Distance Travelled in Perfectly Elastic Collision with Friction

In summary: Okay, thanks. So solving your quadratic yields v2 ≈ 0 and v2 ≈ 3.55 m/s. Only 3.55 m/s makes sense in the context of the problem.Now the problem is simple:K = Wf1/2mv^2 = μmgdv^2/2 = μgdd = v^2/2gμd = 1.83mThis is very close to the correct answer 1.79 m (probably due to rounding/sig fig errors).So this is the correct answer.I guess what to learn from this problem is to make organized, tidy work that doesn't make itself more complicated than it needs to be
  • #1
SignaturePF
112
0

Homework Statement


A 5.0 kg block with a speed of 8.0 m/s travels 2.0 m along a horizontal surface where it makes a head-on, perfectly
elastic collision with a 15.0 kg block which is at rest.
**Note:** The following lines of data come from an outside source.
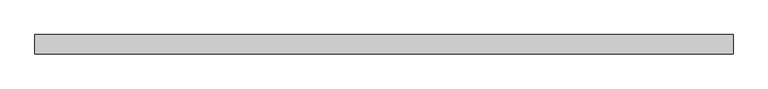
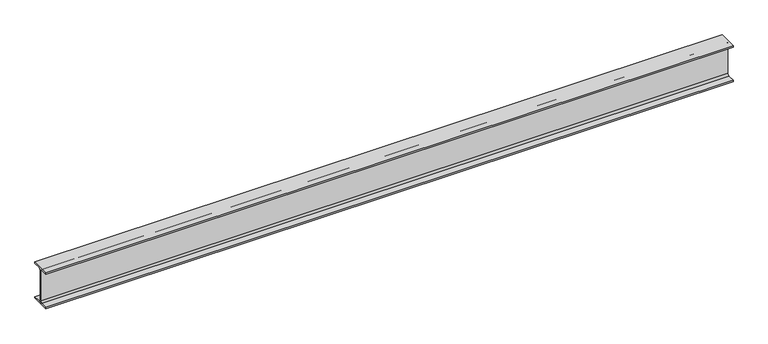
"""IFC4 building model written with IfcOpenShell, lengths in millimetres: beam geometry, 0912_Steel Framing_H-KSD3502 : H_SB_ASB_H-250x125x6x9."""

from ifc_helpers import new_model, si_unit, point, frame, frame_2d, origin, place, context, project, spatial, polyline, circle_curve, trimmed, segment, composite_curve, outline, extrude, source, transform, mapped, element, save


def beam_c25b449d(model_context):
    return source(origin(), model_context, "Body", "SweptSolid", [
        extrude(outline(composite_curve([segment(polyline([(62.5, -116.0), (62.5, -125.0), (-62.5, -125.0), (-62.5, -116.0), (-15.0, -116.0)]), True, "CONTINUOUS"), segment(trimmed(circle_curve(frame_2d((-15.0, -104.0)), 12.0), [point((-15.0, -116.0))], [point((-3.0, -104.0))], True, "CARTESIAN"), True, "CONTINUOUS"), segment(polyline([(-3.0, -104.0), (-3.0, 104.0)]), True, "CONTINUOUS"), segment(trimmed(circle_curve(frame_2d((-15.0, 104.0)), 12.0), [point((-3.0, 104.0))], [point((-15.0, 116.0))], True, "CARTESIAN"), True, "CONTINUOUS"), segment(polyline([(-15.0, 116.0), (-62.5, 116.0), (-62.5, 125.0), (62.5, 125.0), (62.5, 116.0), (15.0, 116.0)]), True, "CONTINUOUS"), segment(trimmed(circle_curve(frame_2d((15.0, 104.0)), 12.0), [point((15.0, 116.0))], [point((3.0, 104.0))], True, "CARTESIAN"), True, "CONTINUOUS"), segment(polyline([(3.0, 104.0), (3.0, -104.0)]), True, "CONTINUOUS"), segment(trimmed(circle_curve(frame_2d((15.0, -104.0)), 12.0), [point((3.0, -104.0))], [point((15.0, -116.0))], True, "CARTESIAN"), True, "CONTINUOUS"), segment(polyline([(15.0, -116.0), (62.5, -116.0)]), True, "CONTINUOUS")], self_intersect=False)), frame((-2164.4729123, 0.0, 0.0), z_axis=(1.0, 0.0, 0.0), x_axis=(0.0, 1.0, 0.0)), (0.0, 0.0, 1.0), 4526.7729123),
    ])


if __name__ == "__main__":
    model = new_model("IFC4")
    model_context = context("Model", 3, world=origin())
    ifc_project = project(units=[si_unit("LENGTHUNIT", "METRE", prefix="MILLI")], contexts=[model_context])
    site = spatial("IfcSite", under=ifc_project)
    building = spatial("IfcBuilding", under=site)
    placement = place(None, origin())
    beam_shape = beam_c25b449d(model_context)
    element("IfcBeam", 1, ObjectType="0912_Steel Framing_H-KSD3502 : H_SB_ASB_H-250x125x6x9", at=placement, inside=building, context=model_context, shape_type="MappedRepresentation", body=[
        mapped(beam_shape, transform((0.0, 0.0, 0.0), x_axis=(1.0, 0.0, 0.0), y_axis=(0.0, 1.0, 0.0), z_axis=(0.0, 0.0, 1.0))),
    ])
    save(model, "model.ifc")

# Revit data of these elements
# Type "0912_Steel Framing_H-KSD3502 : H_SB_ASB_H-250x125x6x9"
#   H_WM Code_1 = "S01AA003-00001 | Main Steel Structure Fabrication Work | Shelter/Building | Light Steel - Standard (30KG/M>Weight) | Material: (   )"
#   H_WM Code_2 = "S03AA029-00001 | Main Steel Structure Erection Work | Shelter/Building | Light Steel (30KG/M>Weight) | Material: (   )"
#   H_WM Code_3 = "S01AA010-00001 | Main Steel Structure Fabrication Work | Shelter/Building | Steel Painting/Coating | for Non-Fireproofed Steel Surface, Surface Preparation, Primer, Second & Final Coat | Material: (   )"
#   H_Q'ty Cal Type Tag = "SB-Q2"
#   Width = 12.5 cm
#   Web Thickness = 0.6 cm
#   Web Fillet = 1.2 cm
#   Warping Constant = 42539.8 cm⁶
#   W = 0
#   Torsional Moment of Inertia = 7.8102 cm⁴
#   Section Area = 37.66 cm²
#   Plastic Modulus weak axis = 73.1 cm³
#   Plastic Modulus strong axis = 366.0 cm³
#   Perimeter = 0.97 m²/m
#   Nominal Weight = 29.60 kgf/m
#   Moment of Inertia weak axis = 294.00 cm⁴
#   Moment of Inertia strong axis = 4050.00 cm⁴
#   Height = 25.0 cm
#   Flange Thickness = 0.9 cm
#   Elastic Modulus weak axis = 47.0 cm³
#   Elastic Modulus strong axis = 324.0 cm³
#   Centroid Vertical = 12.5 cm
#   Centroid Horizontal = 6.25 cm
#   Ix = 40500000
#   Length [instance default] = 1.5240 m
#   Zx = 366000
#   b = 0.1250 m
#   h = 0.2500 m
#   r = 0.0120 m
#   s = 0.0060 m
#   t = 0.0090 m
#   A = 0.003766 m²
#   Structural Material [instance default] = Steel, 45-345
#   Assembly Code = ""
# Element 1 (IfcBeam, "0912_Steel Framing_H-KSD3502 : H_SB_ASB_H-250x125x6x9")
#   Structural Material = none
# Materials
#   "Steel, 45-345": class "Metal", colour RGB 189 187 185, transparency 0, Description = "Steel 345 MPa", Cost = 0

The coecient of kinetic friction between both blocks and
the surface is 0.35. How far does the 15.0 kg block travel before coming to rest?

ANS. 1.79m

Homework Equations


Elastic Collision:
K_0 = K
m1iv1i = m1v1 + m2v2
Ff = μmg

The Attempt at a Solution


First it travels 2.0 m with friction:
K_o - Wf = K
.5mv^2 - 2μmg = .5mv^2
v_0^2 - 4μg = v^2
v^2 = 50.28
v = 7.1 m/s

Now cons. of momentum:
5(7.1) + 0 = 5(v1) + 15(v2)
7.1 = v1 + 3v2

KE:
1/2mv_0^2 + 0 = 1/2m1v1^2 + 1/2m2v2^2
160 = 2.5v1^2 + 7.5v2^2
64 = v1^2 + 3v2^2
Solving for v1 by substituting then quad formula gives:
v2 = -.29 m/s
This does not make any sense?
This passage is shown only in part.